Prompt.
Whenever a line contains the string "ezdxf", copy it out of the entries.
**** Given records ****
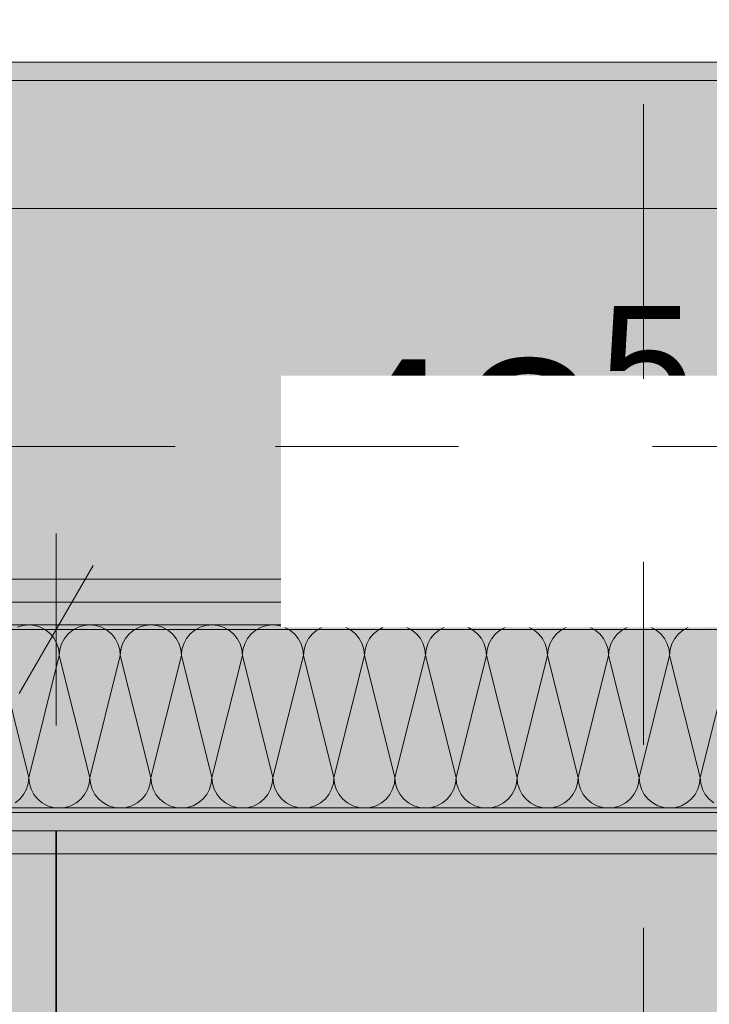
# Model space of a CAD drawing. Header units: metres. Extents: x -3.6 to 85.2, y -11 to 16.8.
# Tile 50 of 183: x 4.395 to 4.772, y 7.995 to 8.533. Entities that reach past the tile are written whole.
import ezdxf

# ---------------------------------------------------------------- set-up
doc = ezdxf.new("R2010")
doc.units = ezdxf.units.M
doc.header["$MEASUREMENT"] = 0
for name, pattern in [('Achse', [0.2, 0.1, -0.05, 0, -0.05]), ('Punktlinie weit', [0.06, 0.01, -0.05]), ('Schnittlinie', [0.3, 0.15, -0.075, 0, -0.075]), ('Strichlinie doppelt', [0.546806, 0.264583, -0.105833, 0.070556, -0.105833]), ('Wipeout_Contour', [1, 0, -1])]:
    doc.linetypes.add(name, pattern=pattern)
for name, color, linetype in [('154 - Bemaßung_ Beschriftung.Ausbau - Deckenspiegel', 7, 'Continuous'), ('203 - Marker.Schnitt - Ausbaudetail SA', 7, 'Continuous'), ('451 - Universal.Achsen Raster', 7, 'Continuous'), ('608 - Struktur.Träger', 7, 'Continuous'), ('Neubau_606 - Struktur.Wand Innen Ausbau', 7, 'Continuous'), ('Neubau_651 - Abdeckung.Decke abgehängt_ bekleidet', 7, 'Continuous'), ('Neubau_653 - Abdeckung.TB Verkofferung', 7, 'Continuous')]:
    doc.layers.add(name, color=color, linetype=linetype)
doc.styles.add('ERSTELLTER_STIL_2', font='txt')
doc.dimstyles.new('ERSTELLTER_STIL__1', dxfattribs={"dimtxt": 0.1, "dimasz": 0.0532, "dimexe": 0.18, "dimexo": 0.0625, "dimgap": 0, "dimtad": 1, "dimtih": 1, "dimtoh": 1, "dimzin": 0, "dimdsep": 46, "dimtxsty": 'ERSTELLTER_STIL_2', "dimblk": 'ARROWHEAD_2', "dimblk1": 'ARROWHEAD_2', "dimblk2": 'ARROWHEAD_2', "dimcen": 0.09, "dimse1": 1, "dimse2": 1, "dimclrd": 7, "dimclre": 7, "dimclrt": 7, "dimazin": 0, "dimtfac": 1, "dimtdec": 4, "dimtmove": 0, "dimatfit": 3, "dimfxl": 1, "dimtolj": 1, "dimtzin": 0, "dimarcsym": 0})
pattern_1 = [(45, (0, 0), (-0.01767767, 0.01767767), [0, -0.025])]

# ---------------------------------------------------------------- blocks, each defined once
blk = doc.blocks.new('*X34')
at = {"layer": 'Neubau_606 - Struktur.Wand Innen Ausbau', "color": 7, "linetype": 'Continuous', "lineweight": 5}
for p, q in [((4.39675, 8.20216), (4.39362, 8.20121)), ((4.4, 8.20248), (4.39675, 8.20216)), ((4.40325, 8.20216), (4.4, 8.20248)), ((4.40638, 8.20121), (4.40325, 8.20216)), ((4.40926, 8.19967), (4.40638, 8.20121)), ((4.41179, 8.1976), (4.40926, 8.19967)), ((4.42407, 8.19967), (4.42155, 8.1976)), ((4.42696, 8.20121), (4.42407, 8.19967)), ((4.43008, 8.20216), (4.42696, 8.20121)), ((4.43333, 8.20248), (4.43008, 8.20216)), ((4.43658, 8.20216), (4.43333, 8.20248)), ((4.43971, 8.20121), (4.43658, 8.20216)), ((4.44259, 8.19967), (4.43971, 8.20121)), ((4.44512, 8.1976), (4.44259, 8.19967)), ((4.45741, 8.19967), (4.45488, 8.1976)), ((4.46029, 8.20121), (4.45741, 8.19967)), ((4.46342, 8.20216), (4.46029, 8.20121)), ((4.46667, 8.20248), (4.46342, 8.20216)), ((4.46992, 8.20216), (4.46667, 8.20248)), ((4.47304, 8.20121), (4.46992, 8.20216)), ((4.47593, 8.19967), (4.47304, 8.20121)), ((4.47845, 8.1976), (4.47593, 8.19967)), ((4.49074, 8.19967), (4.48821, 8.1976)), ((4.49362, 8.20121), (4.49074, 8.19967)), ((4.49675, 8.20216), (4.49362, 8.20121)), ((4.5, 8.20248), (4.49675, 8.20216)), ((4.50325, 8.20216), (4.5, 8.20248)), ((4.50638, 8.20121), (4.50325, 8.20216)), ((4.50926, 8.19967), (4.50638, 8.20121)), ((4.51179, 8.1976), (4.50926, 8.19967)), ((4.52407, 8.19967), (4.52155, 8.1976)), ((4.52696, 8.20121), (4.52407, 8.19967)), ((4.53008, 8.20216), (4.52696, 8.20121)), ((4.53333, 8.20248), (4.53008, 8.20216)), ((4.53658, 8.20216), (4.53333, 8.20248)), ((4.53971, 8.20121), (4.53658, 8.20216)), ((4.54259, 8.19967), (4.53971, 8.20121)), ((4.54512, 8.1976), (4.54259, 8.19967)), ((4.55741, 8.19967), (4.55488, 8.1976)), ((4.56029, 8.20121), (4.55741, 8.19967)), ((4.56342, 8.20216), (4.56029, 8.20121)), ((4.56667, 8.20248), (4.56342, 8.20216)), ((4.56992, 8.20216), (4.56667, 8.20248)), ((4.57304, 8.20121), (4.56992, 8.20216)), ((4.57593, 8.19967), (4.57304, 8.20121)), ((4.57845, 8.1976), (4.57593, 8.19967)), ((4.59074, 8.19967), (4.58821, 8.1976)), ((4.59362, 8.20121), (4.59074, 8.19967)), ((4.59675, 8.20216), (4.59362, 8.20121)), ((4.6, 8.20248), (4.59675, 8.20216)), ((4.60325, 8.20216), (4.6, 8.20248)), ((4.60638, 8.20121), (4.60325, 8.20216)), ((4.60926, 8.19967), (4.60638, 8.20121)), ((4.61179, 8.1976), (4.60926, 8.19967)), ((4.62407, 8.19967), (4.62155, 8.1976)), ((4.62696, 8.20121), (4.62407, 8.19967)), ((4.63008, 8.20216), (4.62696, 8.20121)), ((4.63333, 8.20248), (4.63008, 8.20216)), ((4.63658, 8.20216), (4.63333, 8.20248)), ((4.63971, 8.20121), (4.63658, 8.20216)), ((4.64259, 8.19967), (4.63971, 8.20121)), ((4.64512, 8.1976), (4.64259, 8.19967)), ((4.65741, 8.19967), (4.65488, 8.1976)), ((4.66029, 8.20121), (4.65741, 8.19967)), ((4.66342, 8.20216), (4.66029, 8.20121)), ((4.66667, 8.20248), (4.66342, 8.20216)), ((4.66992, 8.20216), (4.66667, 8.20248)), ((4.67304, 8.20121), (4.66992, 8.20216)), ((4.67593, 8.19967), (4.67304, 8.20121)), ((4.67845, 8.1976), (4.67593, 8.19967)), ((4.69074, 8.19967), (4.68821, 8.1976)), ((4.69362, 8.20121), (4.69074, 8.19967)), ((4.69675, 8.20216), (4.69362, 8.20121)), ((4.7, 8.20248), (4.69675, 8.20216)), ((4.70325, 8.20216), (4.7, 8.20248)), ((4.70638, 8.20121), (4.70325, 8.20216)), ((4.70926, 8.19967), (4.70638, 8.20121)), ((4.71179, 8.1976), (4.70926, 8.19967)), ((4.72407, 8.19967), (4.72155, 8.1976)), ((4.72696, 8.20121), (4.72407, 8.19967)), ((4.73008, 8.20216), (4.72696, 8.20121)), ((4.73333, 8.20248), (4.73008, 8.20216)), ((4.73658, 8.20216), (4.73333, 8.20248)), ((4.73971, 8.20121), (4.73658, 8.20216)), ((4.74259, 8.19967), (4.73971, 8.20121)), ((4.74512, 8.1976), (4.74259, 8.19967)), ((4.75741, 8.19967), (4.75488, 8.1976)), ((4.76029, 8.20121), (4.75741, 8.19967)), ((4.76342, 8.20216), (4.76029, 8.20121)), ((4.76667, 8.20248), (4.76342, 8.20216)), ((4.76992, 8.20216), (4.76667, 8.20248)), ((4.77304, 8.20121), (4.76992, 8.20216)), ((4.41386, 8.19508), (4.41179, 8.1976)), ((4.4154, 8.19219), (4.41386, 8.19508)), ((4.41948, 8.19508), (4.41794, 8.19219)), ((4.42155, 8.1976), (4.41948, 8.19508)), ((4.44719, 8.19508), (4.44512, 8.1976)), ((4.44873, 8.19219), (4.44719, 8.19508)), ((4.45281, 8.19508), (4.45127, 8.19219)), ((4.45488, 8.1976), (4.45281, 8.19508)), ((4.48052, 8.19508), (4.47845, 8.1976)), ((4.48206, 8.19219), (4.48052, 8.19508)), ((4.48614, 8.19508), (4.4846, 8.19219)), ((4.48821, 8.1976), (4.48614, 8.19508)), ((4.51386, 8.19508), (4.51179, 8.1976)), ((4.5154, 8.19219), (4.51386, 8.19508)), ((4.51948, 8.19508), (4.51794, 8.19219)), ((4.52155, 8.1976), (4.51948, 8.19508)), ((4.54719, 8.19508), (4.54512, 8.1976)), ((4.54873, 8.19219), (4.54719, 8.19508)), ((4.55281, 8.19508), (4.55127, 8.19219)), ((4.55488, 8.1976), (4.55281, 8.19508)), ((4.58052, 8.19508), (4.57845, 8.1976)), ((4.58206, 8.19219), (4.58052, 8.19508)), ((4.58614, 8.19508), (4.5846, 8.19219)), ((4.58821, 8.1976), (4.58614, 8.19508)), ((4.61386, 8.19508), (4.61179, 8.1976)), ((4.6154, 8.19219), (4.61386, 8.19508)), ((4.61948, 8.19508), (4.61794, 8.19219)), ((4.62155, 8.1976), (4.61948, 8.19508)), ((4.64719, 8.19508), (4.64512, 8.1976)), ((4.64873, 8.19219), (4.64719, 8.19508)), ((4.65281, 8.19508), (4.65127, 8.19219)), ((4.65488, 8.1976), (4.65281, 8.19508)), ((4.68052, 8.19508), (4.67845, 8.1976)), ((4.68206, 8.19219), (4.68052, 8.19508)), ((4.68614, 8.19508), (4.6846, 8.19219)), ((4.68821, 8.1976), (4.68614, 8.19508)), ((4.71386, 8.19508), (4.71179, 8.1976)), ((4.7154, 8.19219), (4.71386, 8.19508)), ((4.71948, 8.19508), (4.71794, 8.19219)), ((4.72155, 8.1976), (4.71948, 8.19508)), ((4.74719, 8.19508), (4.74512, 8.1976)), ((4.74873, 8.19219), (4.74719, 8.19508)), ((4.75281, 8.19508), (4.75127, 8.19219)), ((4.75488, 8.1976), (4.75281, 8.19508)), ((4.41635, 8.18907), (4.4154, 8.19219)), ((4.41667, 8.18582), (4.41635, 8.18907)), ((4.41699, 8.18907), (4.41667, 8.18582)), ((4.41794, 8.19219), (4.41699, 8.18907)), ((4.44968, 8.18907), (4.44873, 8.19219)), ((4.45, 8.18582), (4.44968, 8.18907)), ((4.45032, 8.18907), (4.45, 8.18582)), ((4.45127, 8.19219), (4.45032, 8.18907)), ((4.48301, 8.18907), (4.48206, 8.19219)), ((4.48333, 8.18582), (4.48301, 8.18907)), ((4.48365, 8.18907), (4.48333, 8.18582)), ((4.4846, 8.19219), (4.48365, 8.18907)), ((4.51635, 8.18907), (4.5154, 8.19219)), ((4.51667, 8.18582), (4.51635, 8.18907)), ((4.51699, 8.18907), (4.51667, 8.18582)), ((4.51794, 8.19219), (4.51699, 8.18907)), ((4.54968, 8.18907), (4.54873, 8.19219)), ((4.55, 8.18582), (4.54968, 8.18907)), ((4.55032, 8.18907), (4.55, 8.18582)), ((4.55127, 8.19219), (4.55032, 8.18907)), ((4.58301, 8.18907), (4.58206, 8.19219)), ((4.58333, 8.18582), (4.58301, 8.18907)), ((4.58365, 8.18907), (4.58333, 8.18582)), ((4.5846, 8.19219), (4.58365, 8.18907)), ((4.61635, 8.18907), (4.6154, 8.19219)), ((4.61667, 8.18582), (4.61635, 8.18907)), ((4.61699, 8.18907), (4.61667, 8.18582)), ((4.61794, 8.19219), (4.61699, 8.18907)), ((4.64968, 8.18907), (4.64873, 8.19219)), ((4.65, 8.18582), (4.64968, 8.18907)), ((4.65032, 8.18907), (4.65, 8.18582)), ((4.65127, 8.19219), (4.65032, 8.18907)), ((4.68301, 8.18907), (4.68206, 8.19219)), ((4.68333, 8.18582), (4.68301, 8.18907)), ((4.68365, 8.18907), (4.68333, 8.18582)), ((4.6846, 8.19219), (4.68365, 8.18907)), ((4.71635, 8.18907), (4.7154, 8.19219)), ((4.71667, 8.18582), (4.71635, 8.18907)), ((4.71699, 8.18907), (4.71667, 8.18582)), ((4.71794, 8.19219), (4.71699, 8.18907)), ((4.74968, 8.18907), (4.74873, 8.19219)), ((4.75, 8.18582), (4.74968, 8.18907)), ((4.75032, 8.18907), (4.75, 8.18582)), ((4.75127, 8.19219), (4.75032, 8.18907)), ((4.4, 8.11915), (4.38333, 8.18582)), ((4.4, 8.11915), (4.41667, 8.18582)), ((4.43333, 8.11915), (4.41667, 8.18582)), ((4.43333, 8.11915), (4.45, 8.18582)), ((4.46667, 8.11915), (4.45, 8.18582)), ((4.46667, 8.11915), (4.48333, 8.18582)), ((4.5, 8.11915), (4.48333, 8.18582)), ((4.5, 8.11915), (4.51667, 8.18582)), ((4.53333, 8.11915), (4.51667, 8.18582)), ((4.53333, 8.11915), (4.55, 8.18582)), ((4.56667, 8.11915), (4.55, 8.18582)), ((4.56667, 8.11915), (4.58333, 8.18582)), ((4.6, 8.11915), (4.58333, 8.18582)), ((4.6, 8.11915), (4.61667, 8.18582)), ((4.63333, 8.11915), (4.61667, 8.18582)), ((4.63333, 8.11915), (4.65, 8.18582)), ((4.66667, 8.11915), (4.65, 8.18582)), ((4.66667, 8.11915), (4.68333, 8.18582)), ((4.7, 8.11915), (4.68333, 8.18582)), ((4.7, 8.11915), (4.71667, 8.18582)), ((4.73333, 8.11915), (4.71667, 8.18582)), ((4.73333, 8.11915), (4.75, 8.18582)), ((4.76667, 8.11915), (4.75, 8.18582)), ((4.76667, 8.11915), (4.78333, 8.18582)), ((4.39968, 8.1159), (4.4, 8.11915)), ((4.4, 8.11915), (4.40032, 8.1159)), ((4.43301, 8.1159), (4.43333, 8.11915)), ((4.43333, 8.11915), (4.43365, 8.1159)), ((4.46635, 8.1159), (4.46667, 8.11915)), ((4.46667, 8.11915), (4.46699, 8.1159)), ((4.49968, 8.1159), (4.5, 8.11915)), ((4.5, 8.11915), (4.50032, 8.1159)), ((4.53301, 8.1159), (4.53333, 8.11915)), ((4.53333, 8.11915), (4.53365, 8.1159)), ((4.56635, 8.1159), (4.56667, 8.11915)), ((4.56667, 8.11915), (4.56699, 8.1159)), ((4.59968, 8.1159), (4.6, 8.11915)), ((4.6, 8.11915), (4.60032, 8.1159)), ((4.63301, 8.1159), (4.63333, 8.11915)), ((4.63333, 8.11915), (4.63365, 8.1159)), ((4.66635, 8.1159), (4.66667, 8.11915)), ((4.66667, 8.11915), (4.66699, 8.1159)), ((4.69968, 8.1159), (4.7, 8.11915)), ((4.7, 8.11915), (4.70032, 8.1159)), ((4.73301, 8.1159), (4.73333, 8.11915)), ((4.73333, 8.11915), (4.73365, 8.1159)), ((4.76635, 8.1159), (4.76667, 8.11915)), ((4.76667, 8.11915), (4.76699, 8.1159)), ((4.39719, 8.10989), (4.39873, 8.11277)), ((4.39873, 8.11277), (4.39968, 8.1159)), ((4.40032, 8.1159), (4.40127, 8.11277)), ((4.40127, 8.11277), (4.40281, 8.10989)), ((4.43052, 8.10989), (4.43206, 8.11277)), ((4.43206, 8.11277), (4.43301, 8.1159)), ((4.43365, 8.1159), (4.4346, 8.11277)), ((4.4346, 8.11277), (4.43614, 8.10989)), ((4.46386, 8.10989), (4.4654, 8.11277)), ((4.4654, 8.11277), (4.46635, 8.1159)), ((4.46699, 8.1159), (4.46794, 8.11277)), ((4.46794, 8.11277), (4.46948, 8.10989)), ((4.49719, 8.10989), (4.49873, 8.11277)), ((4.49873, 8.11277), (4.49968, 8.1159)), ((4.50032, 8.1159), (4.50127, 8.11277)), ((4.50127, 8.11277), (4.50281, 8.10989)), ((4.53052, 8.10989), (4.53206, 8.11277)), ((4.53206, 8.11277), (4.53301, 8.1159)), ((4.53365, 8.1159), (4.5346, 8.11277)), ((4.5346, 8.11277), (4.53614, 8.10989)), ((4.56386, 8.10989), (4.5654, 8.11277)), ((4.5654, 8.11277), (4.56635, 8.1159)), ((4.56699, 8.1159), (4.56794, 8.11277)), ((4.56794, 8.11277), (4.56948, 8.10989)), ((4.59719, 8.10989), (4.59873, 8.11277)), ((4.59873, 8.11277), (4.59968, 8.1159)), ((4.60032, 8.1159), (4.60127, 8.11277)), ((4.60127, 8.11277), (4.60281, 8.10989)), ((4.63052, 8.10989), (4.63206, 8.11277)), ((4.63206, 8.11277), (4.63301, 8.1159)), ((4.63365, 8.1159), (4.6346, 8.11277)), ((4.6346, 8.11277), (4.63614, 8.10989)), ((4.66386, 8.10989), (4.6654, 8.11277)), ((4.6654, 8.11277), (4.66635, 8.1159)), ((4.66699, 8.1159), (4.66794, 8.11277)), ((4.66794, 8.11277), (4.66948, 8.10989)), ((4.69719, 8.10989), (4.69873, 8.11277)), ((4.69873, 8.11277), (4.69968, 8.1159)), ((4.70032, 8.1159), (4.70127, 8.11277)), ((4.70127, 8.11277), (4.70281, 8.10989)), ((4.73052, 8.10989), (4.73206, 8.11277)), ((4.73206, 8.11277), (4.73301, 8.1159)), ((4.73365, 8.1159), (4.7346, 8.11277)), ((4.7346, 8.11277), (4.73614, 8.10989)), ((4.76386, 8.10989), (4.7654, 8.11277)), ((4.7654, 8.11277), (4.76635, 8.1159)), ((4.76699, 8.1159), (4.76794, 8.11277)), ((4.76794, 8.11277), (4.76948, 8.10989)), ((4.39259, 8.10529), (4.39512, 8.10736)), ((4.39512, 8.10736), (4.39719, 8.10989)), ((4.40281, 8.10989), (4.40488, 8.10736)), ((4.40488, 8.10736), (4.40741, 8.10529)), ((4.42593, 8.10529), (4.42845, 8.10736)), ((4.42845, 8.10736), (4.43052, 8.10989)), ((4.43614, 8.10989), (4.43821, 8.10736)), ((4.43821, 8.10736), (4.44074, 8.10529)), ((4.45926, 8.10529), (4.46179, 8.10736)), ((4.46179, 8.10736), (4.46386, 8.10989)), ((4.46948, 8.10989), (4.47155, 8.10736)), ((4.47155, 8.10736), (4.47407, 8.10529)), ((4.49259, 8.10529), (4.49512, 8.10736)), ((4.49512, 8.10736), (4.49719, 8.10989)), ((4.50281, 8.10989), (4.50488, 8.10736)), ((4.50488, 8.10736), (4.50741, 8.10529)), ((4.52593, 8.10529), (4.52845, 8.10736)), ((4.52845, 8.10736), (4.53052, 8.10989)), ((4.53614, 8.10989), (4.53821, 8.10736)), ((4.53821, 8.10736), (4.54074, 8.10529)), ((4.55926, 8.10529), (4.56179, 8.10736)), ((4.56179, 8.10736), (4.56386, 8.10989)), ((4.56948, 8.10989), (4.57155, 8.10736)), ((4.57155, 8.10736), (4.57407, 8.10529)), ((4.59259, 8.10529), (4.59512, 8.10736)), ((4.59512, 8.10736), (4.59719, 8.10989)), ((4.60281, 8.10989), (4.60488, 8.10736)), ((4.60488, 8.10736), (4.60741, 8.10529)), ((4.62593, 8.10529), (4.62845, 8.10736)), ((4.62845, 8.10736), (4.63052, 8.10989)), ((4.63614, 8.10989), (4.63821, 8.10736)), ((4.63821, 8.10736), (4.64074, 8.10529)), ((4.65926, 8.10529), (4.66179, 8.10736)), ((4.66179, 8.10736), (4.66386, 8.10989)), ((4.66948, 8.10989), (4.67155, 8.10736)), ((4.67155, 8.10736), (4.67407, 8.10529)), ((4.69259, 8.10529), (4.69512, 8.10736)), ((4.69512, 8.10736), (4.69719, 8.10989)), ((4.70281, 8.10989), (4.70488, 8.10736)), ((4.70488, 8.10736), (4.70741, 8.10529)), ((4.72593, 8.10529), (4.72845, 8.10736)), ((4.72845, 8.10736), (4.73052, 8.10989)), ((4.73614, 8.10989), (4.73821, 8.10736)), ((4.73821, 8.10736), (4.74074, 8.10529)), ((4.75926, 8.10529), (4.76179, 8.10736)), ((4.76179, 8.10736), (4.76386, 8.10989)), ((4.76948, 8.10989), (4.77155, 8.10736)), ((4.77155, 8.10736), (4.77407, 8.10529)), ((4.40741, 8.10529), (4.41029, 8.10375)), ((4.41029, 8.10375), (4.41342, 8.1028)), ((4.41342, 8.1028), (4.41667, 8.10248)), ((4.41667, 8.10248), (4.41992, 8.1028)), ((4.41992, 8.1028), (4.42304, 8.10375)), ((4.42304, 8.10375), (4.42593, 8.10529)), ((4.44074, 8.10529), (4.44362, 8.10375)), ((4.44362, 8.10375), (4.44675, 8.1028)), ((4.44675, 8.1028), (4.45, 8.10248)), ((4.45, 8.10248), (4.45325, 8.1028)), ((4.45325, 8.1028), (4.45638, 8.10375)), ((4.45638, 8.10375), (4.45926, 8.10529)), ((4.47407, 8.10529), (4.47696, 8.10375)), ((4.47696, 8.10375), (4.48008, 8.1028)), ((4.48008, 8.1028), (4.48333, 8.10248)), ((4.48333, 8.10248), (4.48658, 8.1028)), ((4.48658, 8.1028), (4.48971, 8.10375)), ((4.48971, 8.10375), (4.49259, 8.10529)), ((4.50741, 8.10529), (4.51029, 8.10375)), ((4.51029, 8.10375), (4.51342, 8.1028)), ((4.51342, 8.1028), (4.51667, 8.10248)), ((4.51667, 8.10248), (4.51992, 8.1028)), ((4.51992, 8.1028), (4.52304, 8.10375)), ((4.52304, 8.10375), (4.52593, 8.10529)), ((4.54074, 8.10529), (4.54362, 8.10375)), ((4.54362, 8.10375), (4.54675, 8.1028)), ((4.54675, 8.1028), (4.55, 8.10248)), ((4.55, 8.10248), (4.55325, 8.1028)), ((4.55325, 8.1028), (4.55638, 8.10375)), ((4.55638, 8.10375), (4.55926, 8.10529)), ((4.57407, 8.10529), (4.57696, 8.10375)), ((4.57696, 8.10375), (4.58008, 8.1028)), ((4.58008, 8.1028), (4.58333, 8.10248)), ((4.58333, 8.10248), (4.58658, 8.1028)), ((4.58658, 8.1028), (4.58971, 8.10375)), ((4.58971, 8.10375), (4.59259, 8.10529)), ((4.60741, 8.10529), (4.61029, 8.10375)), ((4.61029, 8.10375), (4.61342, 8.1028)), ((4.61342, 8.1028), (4.61667, 8.10248)), ((4.61667, 8.10248), (4.61992, 8.1028)), ((4.61992, 8.1028), (4.62304, 8.10375)), ((4.62304, 8.10375), (4.62593, 8.10529)), ((4.64074, 8.10529), (4.64362, 8.10375)), ((4.64362, 8.10375), (4.64675, 8.1028)), ((4.64675, 8.1028), (4.65, 8.10248)), ((4.65, 8.10248), (4.65325, 8.1028)), ((4.65325, 8.1028), (4.65638, 8.10375)), ((4.65638, 8.10375), (4.65926, 8.10529)), ((4.67407, 8.10529), (4.67696, 8.10375)), ((4.67696, 8.10375), (4.68008, 8.1028)), ((4.68008, 8.1028), (4.68333, 8.10248)), ((4.68333, 8.10248), (4.68658, 8.1028)), ((4.68658, 8.1028), (4.68971, 8.10375)), ((4.68971, 8.10375), (4.69259, 8.10529)), ((4.70741, 8.10529), (4.71029, 8.10375)), ((4.71029, 8.10375), (4.71342, 8.1028)), ((4.71342, 8.1028), (4.71667, 8.10248)), ((4.71667, 8.10248), (4.71992, 8.1028)), ((4.71992, 8.1028), (4.72304, 8.10375)), ((4.72304, 8.10375), (4.72593, 8.10529)), ((4.74074, 8.10529), (4.74362, 8.10375)), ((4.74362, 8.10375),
****
Task answer.
import ezdxf
doc = ezdxf.new("R2010")
doc.units = ezdxf.units.M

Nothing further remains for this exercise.